▶ **ENTRIES SHOWN**:
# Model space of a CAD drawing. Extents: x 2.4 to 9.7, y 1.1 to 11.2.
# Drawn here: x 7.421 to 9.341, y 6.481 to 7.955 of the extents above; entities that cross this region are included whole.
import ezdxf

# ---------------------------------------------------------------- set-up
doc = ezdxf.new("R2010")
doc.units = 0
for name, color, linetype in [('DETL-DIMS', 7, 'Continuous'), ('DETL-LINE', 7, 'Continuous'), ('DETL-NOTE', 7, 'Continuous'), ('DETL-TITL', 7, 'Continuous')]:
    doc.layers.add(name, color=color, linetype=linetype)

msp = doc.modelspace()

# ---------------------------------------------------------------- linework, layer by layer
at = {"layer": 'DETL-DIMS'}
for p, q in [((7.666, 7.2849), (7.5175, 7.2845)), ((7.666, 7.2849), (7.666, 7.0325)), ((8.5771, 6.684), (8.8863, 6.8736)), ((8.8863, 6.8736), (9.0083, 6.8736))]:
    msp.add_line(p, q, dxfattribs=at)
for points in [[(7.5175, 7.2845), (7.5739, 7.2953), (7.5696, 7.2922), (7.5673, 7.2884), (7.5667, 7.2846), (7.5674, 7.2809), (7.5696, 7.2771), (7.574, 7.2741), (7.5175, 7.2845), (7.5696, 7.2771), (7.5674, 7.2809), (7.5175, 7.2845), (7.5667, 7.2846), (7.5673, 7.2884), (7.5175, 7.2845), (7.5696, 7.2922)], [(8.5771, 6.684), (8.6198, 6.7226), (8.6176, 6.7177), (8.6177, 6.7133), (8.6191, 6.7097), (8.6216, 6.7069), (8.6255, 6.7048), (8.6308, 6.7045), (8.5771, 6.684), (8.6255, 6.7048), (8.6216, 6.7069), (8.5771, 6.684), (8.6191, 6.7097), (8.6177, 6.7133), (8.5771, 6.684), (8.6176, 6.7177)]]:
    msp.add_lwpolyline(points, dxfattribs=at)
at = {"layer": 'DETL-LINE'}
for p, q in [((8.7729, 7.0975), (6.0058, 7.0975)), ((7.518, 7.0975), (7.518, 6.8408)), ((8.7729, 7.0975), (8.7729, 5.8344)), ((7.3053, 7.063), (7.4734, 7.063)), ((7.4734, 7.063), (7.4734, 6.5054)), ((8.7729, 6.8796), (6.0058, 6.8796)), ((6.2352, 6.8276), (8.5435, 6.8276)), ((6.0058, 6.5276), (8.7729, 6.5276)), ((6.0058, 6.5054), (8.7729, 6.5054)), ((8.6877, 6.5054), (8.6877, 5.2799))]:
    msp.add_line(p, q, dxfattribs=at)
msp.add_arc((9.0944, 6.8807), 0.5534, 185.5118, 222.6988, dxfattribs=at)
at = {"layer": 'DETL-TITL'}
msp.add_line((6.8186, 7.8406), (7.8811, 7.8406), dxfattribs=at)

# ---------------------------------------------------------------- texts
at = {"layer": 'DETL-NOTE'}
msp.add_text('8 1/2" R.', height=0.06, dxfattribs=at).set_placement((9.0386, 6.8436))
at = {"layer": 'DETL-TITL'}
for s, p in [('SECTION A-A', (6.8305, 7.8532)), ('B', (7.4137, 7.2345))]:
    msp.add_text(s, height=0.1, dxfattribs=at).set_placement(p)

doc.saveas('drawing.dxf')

▶ **YOUR OBJECTIVE**: Scan the records above and show every line in which the word "name" occurs.

▶ **EXERCISE ANSWER**:
for name, color, linetype in [('DETL-DIMS', 7, 'Continuous'), ('DETL-LINE', 7, 'Continuous'), ('DETL-NOTE', 7, 'Continuous'), ('DETL-TITL', 7, 'Continuous')]:
    doc.layers.add(name, color=color, linetype=linetype)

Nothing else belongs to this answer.